>>>
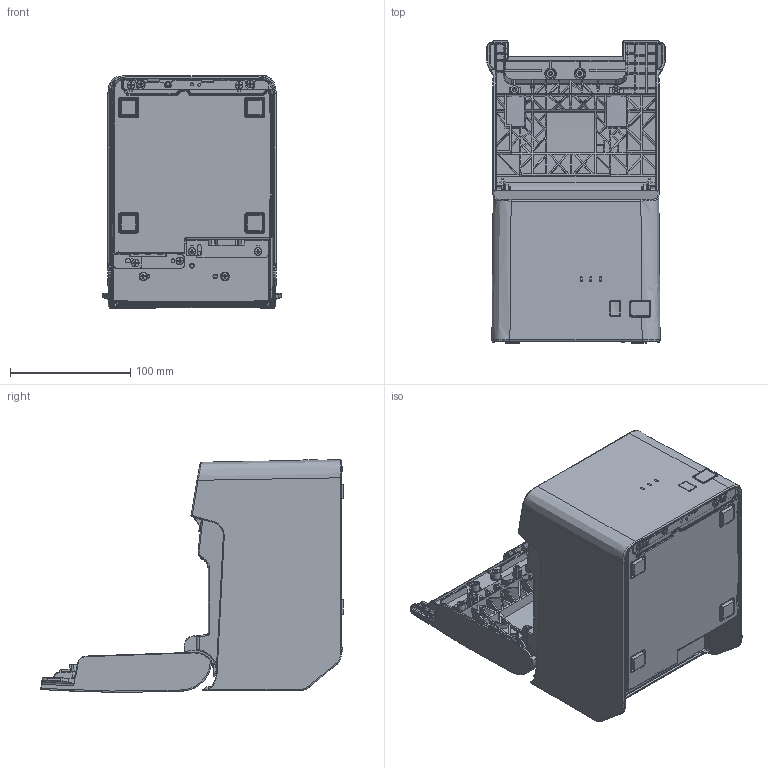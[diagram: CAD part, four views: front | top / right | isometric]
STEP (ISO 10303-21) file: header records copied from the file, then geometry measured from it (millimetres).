
FILE_DESCRIPTION((''),'2;1');
FILE_NAME('TM-T20X2_OPEN','2025-01-15T16:58:42',('5012938'),(''),'CREO PARAMETRIC BY PTC INC, 2022281','CREO PARAMETRIC BY PTC INC, 2022281','');
FILE_SCHEMA(('AUTOMOTIVE_DESIGN { 1 0 10303 214 1 1 1 1 }'));
Length unit declared in the file: millimetre
Products named in the file (1): TM-T20X2_OPEN
Bounding box: 148.4 x 251.76 x 193.47 mm (x, y, z)
Surface area: 479276.4 mm2 (no closed solid volume)
Topology: 0 solids, 55 shells, 4331 faces, 12361 edges, 8008 vertices
Faces by surface type: plane 2102, cylinder 1593, bspline 380, cone 100, torus 100, sphere 42, extrusion 12, revolution 2
Entity records: 195793 total; most frequent: CARTESIAN_POINT 85604, ORIENTED_EDGE 23102, DIRECTION 22045, EDGE_CURVE 12351, VERTEX_POINT 8008, AXIS2_PLACEMENT_3D 7446, VECTOR 7151, LINE 7139
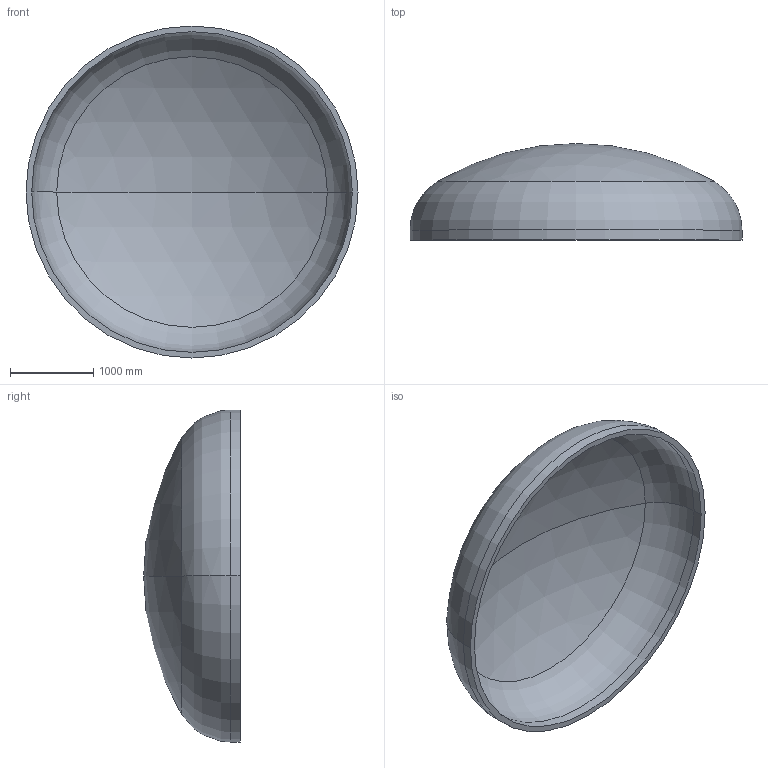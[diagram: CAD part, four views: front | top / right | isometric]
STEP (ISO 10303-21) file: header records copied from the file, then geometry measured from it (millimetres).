
FILE_DESCRIPTION (( 'STEP AP203' ), '1' );
FILE_NAME ('DIN 28013 Korbbogenform_-_Boden DIN 28013 - 4000 x 120 - I - s=68.step', '2016-07-01T22:36:35', ( '' ), ( '' ), 'SwSTEP 2.0', 'SolidWorks 2013', '' );
FILE_SCHEMA (( 'CONFIG_CONTROL_DESIGN' ));
Length unit declared in the file: millimetre
Products named in the file (1): DIN 28013 Korbbogenform_-_Boden DIN 28013 - 4000 x 120 - I - s=68
Bounding box: 4000 x 1163.65 x 4000 mm (x, y, z)
Volume: 1257671016.9 mm3; surface area: 37839981.8 mm2
Topology: 1 solids, 1 shells, 13 faces, 24 edges, 14 vertices
Faces by surface type: torus 4, cylinder 4, sphere 4, plane 1
Entity records: 407 total; most frequent: DIRECTION 72, CARTESIAN_POINT 52, ORIENTED_EDGE 48, AXIS2_PLACEMENT_3D 34, EDGE_CURVE 24, CIRCLE 20, EDGE_LOOP 14, VERTEX_POINT 14
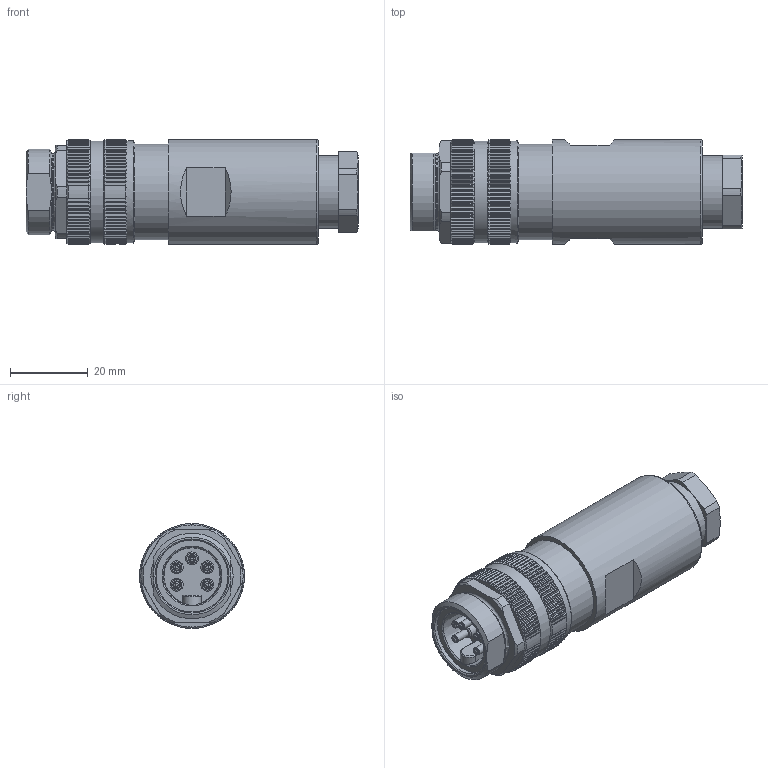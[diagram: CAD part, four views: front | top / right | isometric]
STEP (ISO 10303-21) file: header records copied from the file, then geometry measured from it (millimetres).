
FILE_DESCRIPTION(/* description */ (''),/* implementation_level */ '2;1');
FILE_NAME(/* name */ '99-2445-21-05-001_00.stp',/* time_stamp */ '2023-04-04T12:55:50+02:00',/* author */ (''),/* organization */ (''),/* preprocessor_version */ 'ST-DEVELOPER v16',/* originating_system */ 'SIEMENS PLM Software NX 11.0',/* authorisation */ '');
FILE_SCHEMA (('AUTOMOTIVE_DESIGN { 1 0 10303 214 3 1 1 1 }'));
Length unit declared in the file: millimetre
Products named in the file (1): atoc2FA458C5l1eo
Bounding box: 85.53 x 27 x 27 mm (x, y, z)
Volume: 41112.5 mm3; surface area: 9168.1 mm2
Topology: 1 solids, 1 shells, 947 faces, 2439 edges, 1514 vertices
Faces by surface type: plane 519, cone 209, cylinder 198, torus 11, bspline 10
Full cylindrical faces by diameter (mm): 2 x5, 3.3 x5, 3.5 x1, 11.5 x1, 18.5 x1, 18.6 x1, 24.5 x1, 26.3 x2, 27 x1
Entity records: 29502 total; most frequent: CARTESIAN_POINT 7366, ORIENTED_EDGE 4756, DIRECTION 4364, EDGE_CURVE 2378, AXIS2_PLACEMENT_3D 1723, VERTEX_POINT 1496, EDGE_LOOP 1010, ADVANCED_FACE 947
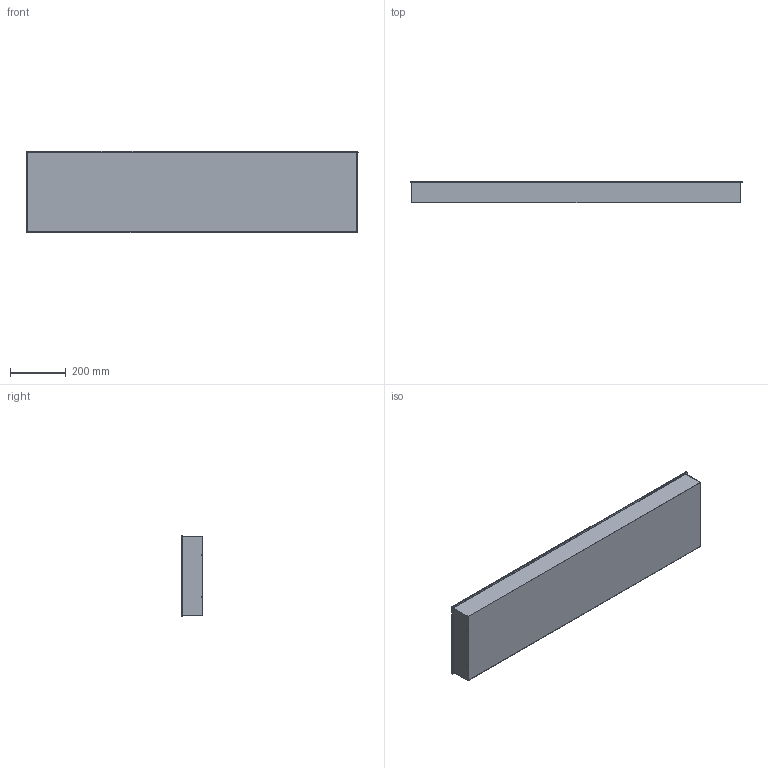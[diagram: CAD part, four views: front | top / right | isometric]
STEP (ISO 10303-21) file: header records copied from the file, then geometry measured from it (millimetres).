
FILE_DESCRIPTION(/* description */ (''),/* implementation_level */ '2;1');
FILE_NAME(/* name */ 'C:/Users/elena/Downloads/Coner QNQ 30x120.step',/* time_stamp */ '2020-06-17T13:08:24+02:00',/* author */ (''),/* organization */ (''),/* preprocessor_version */ 'ST-DEVELOPER v18.1',/* originating_system */ 'Autodesk Translation Framework v9.3.0.1241',/* authorisation */ '');
FILE_SCHEMA (('AUTOMOTIVE_DESIGN { 1 0 10303 214 3 1 1 }'));
Length unit declared in the file: millimetre
Products named in the file (1): (Unsaved)
Bounding box: 1195 x 78 x 295 mm (x, y, z)
Volume: 1626087.3 mm3; surface area: 1854007.1 mm2
Topology: 2 solids, 2 shells, 51 faces, 138 edges, 93 vertices
Faces by surface type: plane 31, cylinder 16, bspline 4
Entity records: 2255 total; most frequent: CARTESIAN_POINT 909, ORIENTED_EDGE 276, DIRECTION 252, EDGE_CURVE 138, LINE 104, VECTOR 104, VERTEX_POINT 93, AXIS2_PLACEMENT_3D 74
<<<
Goal of the exercise = Retype all records exactly as shown above, images excluded.

Exercise response =
[diagram: CAD part, four views: front | top / right | isometric]
STEP (ISO 10303-21) file: header records copied from the file, then geometry measured from it (millimetres).
FILE_DESCRIPTION((''),'2;1');
FILE_NAME('TM-T20X2_OPEN','2025-01-15T16:58:42',('5012938'),(''),'CREO PARAMETRIC BY PTC INC, 2022281','CREO PARAMETRIC BY PTC INC, 2022281','');
FILE_SCHEMA(('AUTOMOTIVE_DESIGN { 1 0 10303 214 1 1 1 1 }'));
Length unit declared in the file: millimetre
Products named in the file (1): TM-T20X2_OPEN
Bounding box: 148.4 x 251.76 x 193.47 mm (x, y, z)
Surface area: 479276.4 mm2 (no closed solid volume)
Topology: 0 solids, 55 shells, 4331 faces, 12361 edges, 8008 vertices
Faces by surface type: plane 2102, cylinder 1593, bspline 380, cone 100, torus 100, sphere 42, extrusion 12, revolution 2
Entity records: 195793 total; most frequent: CARTESIAN_POINT 85604, ORIENTED_EDGE 23102, DIRECTION 22045, EDGE_CURVE 12351, VERTEX_POINT 8008, AXIS2_PLACEMENT_3D 7446, VECTOR 7151, LINE 7139
[diagram: CAD part, four views: front | top / right | isometric]
STEP (ISO 10303-21) file: header records copied from the file, then geometry measured from it (millimetres).
FILE_DESCRIPTION (( 'STEP AP203' ), '1' );
FILE_NAME ('DIN 28013 Korbbogenform_-_Boden DIN 28013 - 4000 x 120 - I - s=68.step', '2016-07-01T22:36:35', ( '' ), ( '' ), 'SwSTEP 2.0', 'SolidWorks 2013', '' );
FILE_SCHEMA (( 'CONFIG_CONTROL_DESIGN' ));
Length unit declared in the file: millimetre
Products named in the file (1): DIN 28013 Korbbogenform_-_Boden DIN 28013 - 4000 x 120 - I - s=68
Bounding box: 4000 x 1163.65 x 4000 mm (x, y, z)
Volume: 1257671016.9 mm3; surface area: 37839981.8 mm2
Topology: 1 solids, 1 shells, 13 faces, 24 edges, 14 vertices
Faces by surface type: torus 4, cylinder 4, sphere 4, plane 1
Entity records: 407 total; most frequent: DIRECTION 72, CARTESIAN_POINT 52, ORIENTED_EDGE 48, AXIS2_PLACEMENT_3D 34, EDGE_CURVE 24, CIRCLE 20, EDGE_LOOP 14, VERTEX_POINT 14
[diagram: CAD part, four views: front | top / right | isometric]
STEP (ISO 10303-21) file: header records copied from the file, then geometry measured from it (millimetres).
FILE_DESCRIPTION(/* description */ (''),/* implementation_level */ '2;1');
FILE_NAME(/* name */ '99-2445-21-05-001_00.stp',/* time_stamp */ '2023-04-04T12:55:50+02:00',/* author */ (''),/* organization */ (''),/* preprocessor_version */ 'ST-DEVELOPER v16',/* originating_system */ 'SIEMENS PLM Software NX 11.0',/* authorisation */ '');
FILE_SCHEMA (('AUTOMOTIVE_DESIGN { 1 0 10303 214 3 1 1 1 }'));
Length unit declared in the file: millimetre
Products named in the file (1): atoc2FA458C5l1eo
Bounding box: 85.53 x 27 x 27 mm (x, y, z)
Volume: 41112.5 mm3; surface area: 9168.1 mm2
Topology: 1 solids, 1 shells, 947 faces, 2439 edges, 1514 vertices
Faces by surface type: plane 519, cone 209, cylinder 198, torus 11, bspline 10
Full cylindrical faces by diameter (mm): 2 x5, 3.3 x5, 3.5 x1, 11.5 x1, 18.5 x1, 18.6 x1, 24.5 x1, 26.3 x2, 27 x1
Entity records: 29502 total; most frequent: CARTESIAN_POINT 7366, ORIENTED_EDGE 4756, DIRECTION 4364, EDGE_CURVE 2378, AXIS2_PLACEMENT_3D 1723, VERTEX_POINT 1496, EDGE_LOOP 1010, ADVANCED_FACE 947
[diagram: CAD part, four views: front | top / right | isometric]
STEP (ISO 10303-21) file: header records copied from the file, then geometry measured from it (millimetres).
FILE_DESCRIPTION(/* description */ (''),/* implementation_level */ '2;1');
FILE_NAME(/* name */ 'C:/Users/elena/Downloads/Coner QNQ 30x120.step',/* time_stamp */ '2020-06-17T13:08:24+02:00',/* author */ (''),/* organization */ (''),/* preprocessor_version */ 'ST-DEVELOPER v18.1',/* originating_system */ 'Autodesk Translation Framework v9.3.0.1241',/* authorisation */ '');
FILE_SCHEMA (('AUTOMOTIVE_DESIGN { 1 0 10303 214 3 1 1 }'));
Length unit declared in the file: millimetre
Products named in the file (1): (Unsaved)
Bounding box: 1195 x 78 x 295 mm (x, y, z)
Volume: 1626087.3 mm3; surface area: 1854007.1 mm2
Topology: 2 solids, 2 shells, 51 faces, 138 edges, 93 vertices
Faces by surface type: plane 31, cylinder 16, bspline 4
Entity records: 2255 total; most frequent: CARTESIAN_POINT 909, ORIENTED_EDGE 276, DIRECTION 252, EDGE_CURVE 138, LINE 104, VECTOR 104, VERTEX_POINT 93, AXIS2_PLACEMENT_3D 74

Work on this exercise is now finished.